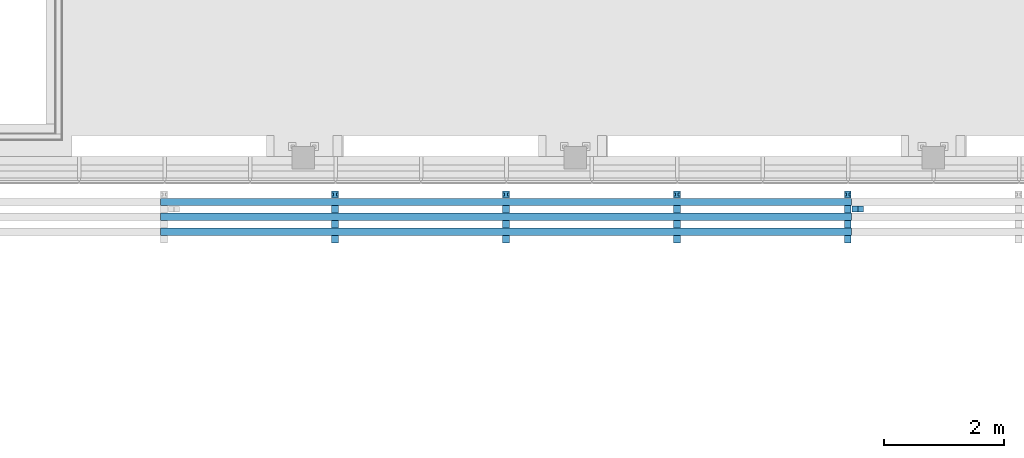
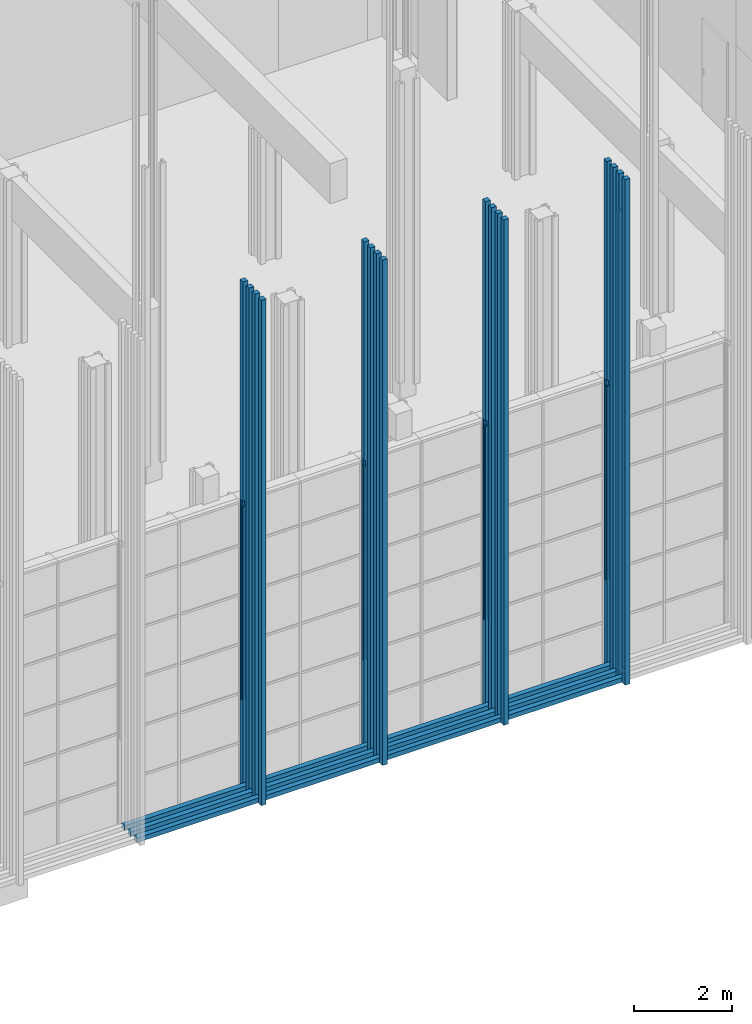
# One storey, part 137 of 260: 14 discrete accessories.
"""IFC2X3 building model written with IfcOpenShell, lengths in millimetres."""

import ifcopenshell
import ifcopenshell.guid

model = None  # the IFC model being written
_history = None  # IfcOwnerHistory: only IFC2X3 demands one
_inside = {}  # id of a spatial element -> (the spatial element, [elements in it])
_under = {}  # id of a project, library or spatial element -> (it, [spatial elements below it])
_declared = {}  # id of a project -> (the project, [libraries it declares])
_typed = {}  # id of a type object -> (the type object, [elements of that type])
_made_of = {}  # id of a material, layer set ... -> (it, [elements and type objects made of it])


def new_model(schema):
    """Start an empty IFC model of exactly this schema.

    Asked for "IFC4X3", IfcOpenShell would pick the latest addendum, in which some entities
    have other attributes; the version numbers below select the first issue.
    IFC2X3 requires an IfcOwnerHistory on every rooted entity: one is made here for all.
    """
    global model, _history
    if schema == "IFC4X3":
        model = ifcopenshell.file(schema_version=(4, 3, 0, 0))
    else:
        model = ifcopenshell.file(schema=schema)
    _inside.clear()
    _under.clear()
    _declared.clear()
    _typed.clear()
    _made_of.clear()
    _history = None
    if model.schema == "IFC2X3":
        org = make("IfcOrganization", Name="unknown")
        user = make(
            "IfcPersonAndOrganization",
            ThePerson=make("IfcPerson", FamilyName="unknown"),
            TheOrganization=org,
        )
        app = make(
            "IfcApplication",
            ApplicationDeveloper=org,
            Version="unknown",
            ApplicationFullName="unknown",
            ApplicationIdentifier="unknown",
        )
        _history = make(
            "IfcOwnerHistory",
            OwningUser=user,
            OwningApplication=app,
            ChangeAction="ADDED",
            CreationDate=0,
        )
    return model


def make(cls, **values):
    """One entity of the class cls with the attributes given. An attribute that is None is left unset."""
    return model.create_entity(
        cls, **{name: value for name, value in values.items() if value is not None}
    )


def entity(cls, *values):
    """Any entity or typed value of the class cls, its attributes in the order of the schema. None: left unset."""
    e = model.create_entity(cls)
    for i, value in enumerate(values):
        if value is not None:
            e[i] = value
    return e


def rooted(cls, **values):
    """An entity with a GlobalId (a new one), such as an element, a storey or a relation."""
    return make(cls, GlobalId=ifcopenshell.guid.new(), OwnerHistory=_history, **values)


def si_unit(unit_type, name, prefix=None):
    """IfcSIUnit, for example si_unit("LENGTHUNIT", "METRE", prefix="MILLI")."""
    return make("IfcSIUnit", UnitType=unit_type, Prefix=prefix, Name=name)


def converted_unit(unit_type, name, factor, base, dimensions=None, offset=None):
    """IfcConversionBasedUnit, such as the inch: factor (a typed value) times the base unit."""
    return make(
        "IfcConversionBasedUnit"
        if offset is None
        else "IfcConversionBasedUnitWithOffset",
        ConversionOffset=offset,
        Dimensions=None
        if dimensions is None
        else entity("IfcDimensionalExponents", *dimensions),
        UnitType=unit_type,
        Name=name,
        ConversionFactor=make(
            "IfcMeasureWithUnit", ValueComponent=factor, UnitComponent=base
        ),
    )


def derived_unit(unit_type, elements):
    """IfcDerivedUnit: a product of units, each with its exponent."""
    return make(
        "IfcDerivedUnit",
        Elements=[
            make("IfcDerivedUnitElement", Unit=unit, Exponent=power)
            for unit, power in elements
        ],
        UnitType=unit_type,
    )


def money_unit(currency):
    """IfcMonetaryUnit."""
    return make("IfcMonetaryUnit", Currency=currency)


def assignment(units):
    """IfcUnitAssignment: the units of a project."""
    return None if units is None else make("IfcUnitAssignment", Units=units)


def point(xyz):
    """IfcCartesianPoint."""
    return None if xyz is None else make("IfcCartesianPoint", Coordinates=xyz)


def direction(xyz):
    """IfcDirection."""
    return None if xyz is None else make("IfcDirection", DirectionRatios=xyz)


def frame(location, z_axis=None, x_axis=None):
    """IfcAxis2Placement3D, a coordinate frame: its origin and axes. An axis left out is left unset."""
    return make(
        "IfcAxis2Placement3D",
        Location=point(location),
        Axis=direction(z_axis),
        RefDirection=direction(x_axis),
    )


def origin_with_axes():
    """The frame at (0, 0, 0) with the z axis (0, 0, 1) and the x axis (1, 0, 0) written out."""
    return frame((0.0, 0.0, 0.0), z_axis=(0.0, 0.0, 1.0), x_axis=(1.0, 0.0, 0.0))


def place(relative_to, where):
    """IfcLocalPlacement: puts the frame where relative to a parent placement (None: the world)."""
    return make(
        "IfcLocalPlacement", PlacementRelTo=relative_to, RelativePlacement=where
    )


def context(
    kind, dimensions, precision=None, world=None, true_north=None, identifier=None
):
    """IfcGeometricRepresentationContext, for example the 3D "Model" context."""
    return make(
        "IfcGeometricRepresentationContext",
        ContextIdentifier=identifier,
        ContextType=kind,
        CoordinateSpaceDimension=dimensions,
        Precision=precision,
        WorldCoordinateSystem=world,
        TrueNorth=true_north,
    )


def subcontext(parent, identifier, kind, view, scale=None):
    """IfcGeometricRepresentationSubContext, for example "Body" below "Model"."""
    return make(
        "IfcGeometricRepresentationSubContext",
        ContextIdentifier=identifier,
        ContextType=kind,
        ParentContext=parent,
        TargetScale=scale,
        TargetView=view,
    )


def project(units=None, contexts=None):
    """IfcProject with its units and contexts."""
    return rooted(
        "IfcProject",
        Name="project",
        RepresentationContexts=contexts,
        UnitsInContext=assignment(units),
    )


def spatial(cls, under=None, at=None, **own):
    """A site, building, storey or space (cls), placed at a placement, below another one or the project."""
    s = rooted(cls, ObjectPlacement=at, **own)
    if under is not None:
        _under.setdefault(under.id(), (under, []))[1].append(s)
    return s


def faces_of(points, faces, orient=None, outer=None):
    """IfcFace entities. A face is a list of loops; a loop is a list of indices into points, from 0.

    orient and outer hold one flag for each loop. By default every Orientation is true, the
    first loop of a face is its IfcFaceOuterBound and the others are IfcFaceBound.
    """
    made = []
    for i, loops in enumerate(faces):
        bounds = []
        for j, loop in enumerate(loops):
            is_outer = j == 0 if outer is None else outer[i][j]
            bounds.append(
                make(
                    "IfcFaceOuterBound" if is_outer else "IfcFaceBound",
                    Bound=make("IfcPolyLoop", Polygon=[points[k] for k in loop]),
                    Orientation=True if orient is None else orient[i][j],
                )
            )
        made.append(make("IfcFace", Bounds=bounds))
    return made


def open_shell(faces, orient=None, outer=None):
    """The faces of one IfcOpenShell. surface_model builds it on its shared points."""
    return ("IfcOpenShell", faces, orient, outer)


def faceted_brep(points, faces, orient=None, outer=None, voids=None):
    """IfcFacetedBrep: a solid bounded by flat faces; with voids (closed shells), ...WithVoids."""
    shared = [point(p) for p in points]
    hull = make("IfcClosedShell", CfsFaces=faces_of(shared, faces, orient, outer))
    if voids is None:
        return make("IfcFacetedBrep", Outer=hull)
    return make(
        "IfcFacetedBrepWithVoids",
        Outer=hull,
        Voids=[
            make(cls, CfsFaces=faces_of(shared, fs, o, b)) for cls, fs, o, b in voids
        ],
    )


def surface_model(cls, points, shells):
    """IfcFaceBasedSurfaceModel or IfcShellBasedSurfaceModel (cls): surfaces that need not close."""
    shared = [point(p) for p in points]
    made = [make(c, CfsFaces=faces_of(shared, fs, o, b)) for c, fs, o, b in shells]
    if cls == "IfcFaceBasedSurfaceModel":
        return make(cls, FbsmFaces=made)
    return make(cls, SbsmBoundary=made)


def shape(context_of_items, identifier, shape_type, items):
    """IfcShapeRepresentation: the items that make up one representation, for example the "Body"."""
    return make(
        "IfcShapeRepresentation",
        ContextOfItems=context_of_items,
        RepresentationIdentifier=identifier,
        RepresentationType=shape_type,
        Items=items,
    )


def material(Name=None, Category=None):
    """IfcMaterial."""
    return make("IfcMaterial", Name=Name, Category=Category)


def material_list(materials):
    """IfcMaterialList."""
    return make("IfcMaterialList", Materials=materials)


def made_of(thing, what):
    """Note that an element or type object is made of a material, layer set ...; save() writes the relation."""
    if what is not None:
        _made_of.setdefault(what.id(), (what, []))[1].append(thing)
    return thing


def type_object(cls, material=None, **own):
    """A type object (cls), such as IfcWallType, which elements share."""
    return made_of(rooted(cls, **own), material)


def element(
    cls,
    number,
    at=None,
    inside=None,
    cuts=None,
    type_object=None,
    material=None,
    context=None,
    identifier="Body",
    shape_type=None,
    held_by="IfcProductDefinitionShape",
    body=None,
    shapes=None,
    **own,
):
    """One element of the class cls, such as IfcWall. Its Tag is "e" and its number.

    at: its placement. inside: the storey or other place that contains it. cuts: it is an
    opening in that element (IfcRelVoidsElement). A single representation is given by context,
    identifier, shape_type and body (its items); several are given by shapes. held_by: the class
    of the entity that holds the representations. save() writes the other relations.
    """
    e = rooted(cls, Tag="e%d" % number, ObjectPlacement=at, **own)
    if body is not None:
        shapes = [shape(context, identifier, shape_type, body)]
    if shapes is not None:
        e.Representation = make(held_by, Representations=shapes)
    if inside is not None:
        _inside.setdefault(inside.id(), (inside, []))[1].append(e)
    if cuts is not None:
        rooted(
            "IfcRelVoidsElement", RelatingBuildingElement=cuts, RelatedOpeningElement=e
        )
    if type_object is not None:
        _typed.setdefault(type_object.id(), (type_object, []))[1].append(e)
    return made_of(e, material)


def aggregate(whole, parts):
    """IfcRelAggregates: a whole, such as a stair, and the parts it consists of."""
    return rooted("IfcRelAggregates", RelatingObject=whole, RelatedObjects=parts)


def save(model, path):
    """Write the relations noted so far, then the file.

    IfcRelAggregates (storeys below a building ...), IfcRelContainedInSpatialStructure (elements
    in a storey), IfcRelDefinesByType, IfcRelAssociatesMaterial and IfcRelDeclares: one each for
    every whole, place, type object, material and project.
    """
    for whole, parts in _under.values():
        aggregate(whole, parts)
    for where, things in _inside.values():
        rooted(
            "IfcRelContainedInSpatialStructure",
            RelatedElements=things,
            RelatingStructure=where,
        )
    for kind, things in _typed.values():
        rooted("IfcRelDefinesByType", RelatedObjects=things, RelatingType=kind)
    for what, things in _made_of.values():
        rooted("IfcRelAssociatesMaterial", RelatedObjects=things, RelatingMaterial=what)
    for by, libraries in _declared.values():
        rooted("IfcRelDeclares", RelatingContext=by, RelatedDefinitions=libraries)
    model.write(path)


model = new_model("IFC2X3")

# Units and contexts
model_context = context("Model", 3, precision=0.01, world=origin_with_axes(), true_north=direction((0.0, 1.0)))
body_context = subcontext(model_context, "Body", "Model", "MODEL_VIEW")
ifc_project = project(units=[si_unit("LENGTHUNIT", "METRE", prefix="MILLI"), si_unit("AREAUNIT", "SQUARE_METRE"), si_unit("VOLUMEUNIT", "CUBIC_METRE"), converted_unit("PLANEANGLEUNIT", "DEGREE", entity("IfcPlaneAngleMeasure", 0.0174532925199), si_unit("PLANEANGLEUNIT", "RADIAN"), dimensions=[0, 0, 0, 0, 0, 0, 0]), money_unit("EUR"), converted_unit("TIMEUNIT", "Year", entity("IfcTimeMeasure", 31556926.0), si_unit("TIMEUNIT", "SECOND"), dimensions=[0, 0, 1, 0, 0, 0, 0]), si_unit("MASSUNIT", "GRAM", prefix="KILO"), si_unit("THERMODYNAMICTEMPERATUREUNIT", "DEGREE_CELSIUS"), si_unit("LUMINOUSINTENSITYUNIT", "LUMEN"), si_unit("ENERGYUNIT", "JOULE", prefix="MEGA"), derived_unit("THERMALCONDUCTANCEUNIT", [(si_unit("POWERUNIT", "WATT"), 1), (si_unit("LENGTHUNIT", "METRE"), -1), (si_unit("THERMODYNAMICTEMPERATUREUNIT", "KELVIN"), -1)]), derived_unit("SPECIFICHEATCAPACITYUNIT", [(si_unit("ENERGYUNIT", "JOULE"), 1), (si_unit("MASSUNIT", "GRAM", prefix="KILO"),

*****

> About this task:
Every line above that holds the string "file" should be returned.

> Solution to the problem:
        model = ifcopenshell.file(schema_version=(4, 3, 0, 0))
        model = ifcopenshell.file(schema=schema)
    """Write the relations noted so far, then the file.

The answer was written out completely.